Er mochte Boxen. Boxen war männlich. Kraftvoll und gewaltig. Und es ging ums Bluffen, um große Worte und große Gesten. Es ging darum, sich nicht in die Karten schauen zu lassen. Das hatte auch er immer vermieden. Er hatte die Karten in der Hand behalten, das Ass stets im Ärmel gehabt. Die Welt war so leicht zu manipulieren. Die Menschen waren so gutgläubig. Sie bettelten doch fast darum, betrogen zu werden.

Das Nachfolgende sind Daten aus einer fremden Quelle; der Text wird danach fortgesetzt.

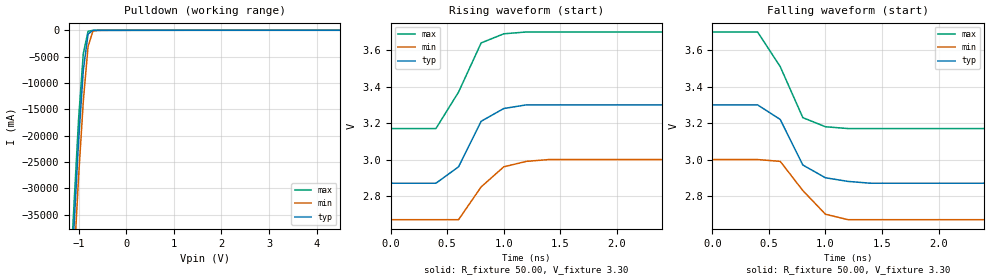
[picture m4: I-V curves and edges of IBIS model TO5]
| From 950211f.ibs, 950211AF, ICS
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|   Model TO5
[Model]   TO5
Model_type   Open_drain
Polarity   Inverting
|Vinl = 800.00mV
|Vinh =   2.00V
C_comp   5.50pF   5.00pF   6.00pF
[Temperature Range]   27.00   70.00   0.00
[Voltage Range]   3.30V   3.00V   3.70V
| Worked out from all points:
|   slope of the pulldown table from 0 to 0.495 V, typ, clamps not added: 122 ohm
|   rising waveform, R_fixture 50.00, V_fixture 3.30: 20-80 % time 220ps typ, 279ps min, 260ps max; typ from 2.87 V to 3.3 V
|   falling waveform, R_fixture 50.00, V_fixture 3.30: 20-80 % time 235ps typ, 275ps min, 256ps max; typ from 3.3 V to 2.87 V
[Pulldown]
| voltage   I(typ)   I(min)   I(max)
-3.3V     -431.7A    -437.9A    -427.9A
-1.5V     -105.8A    -112.6A    -101.5A
-1V       -21.13A    -27.91A    -16.98A
-900mV    -7.57A     -13.43A    -4.4A
-800mV    -689.4mA   -3.07A     -180.9mA
-700mV    -25mA      -186.7mA   -11.64mA
-600mV    -6.45mA    -11.8mA    -6.72mA
6.2V      12.17mA    9.78mA     14.58mA
[Ramp]
| variable   typ   min   max
dV/dt_r   255.60m/171.20p   201.00m/169.75p   319.20m/188.31p
dV/dt_f   255.60m/200.00p   201.00m/200.00p   319.20m/200.00p
[Rising Waveform]
R_fixture = 50.00
V_fixture = 3.30
V_fixture_min = 3.00
V_fixture_max = 3.70
| time   V(typ)   V(min)   V(max)
0s        2.87V      2.67V      3.17V
400ps     2.87V      2.67V      3.17V
600ps     2.96V      2.67V      3.37V
800ps     3.21V      2.85V      3.64V
1ns       3.28V      2.96V      3.69V
1.2ns     3.3V       2.99V      3.7V
1.4ns     3.3V       3V         3.7V
10ns      3.3V       3V         3.7V
[Falling Waveform]
R_fixture = 50.00
V_fixture = 3.30
V_fixture_min = 3.00
V_fixture_max = 3.70
| time   V(typ)   V(min)   V(max)
0s        3.3V       3V         3.7V
400ps     3.3V       3V         3.7V
600ps     3.22V      2.99V      3.51V
800ps     2.97V      2.83V      3.23V
1ns       2.9V       2.7V       3.18V
1.2ns     2.88V      2.67V      3.17V
1.4ns     2.87V      2.67V      3.17V
10ns      2.87V      2.67V      3.17V

Nun aber war er bewegungslos. Das letzte Ass war ihm abhandengekommen. Er lag am Boden, wie festgenagelt. Aber sein Gehirn gab immer noch Botenstoffe ab. Es dachte. Es fühlte. Es lehnte sich auf. Angst und Panik fluteten ein. Er hätte schreien wollen, aber kein Laut kam aus seiner Kehle. Er starrte zu den Heizungsrohren an der Decke und hörte die Kläffer da drüben. Deutlich hörte er sie. Gefangen in seinem Körper.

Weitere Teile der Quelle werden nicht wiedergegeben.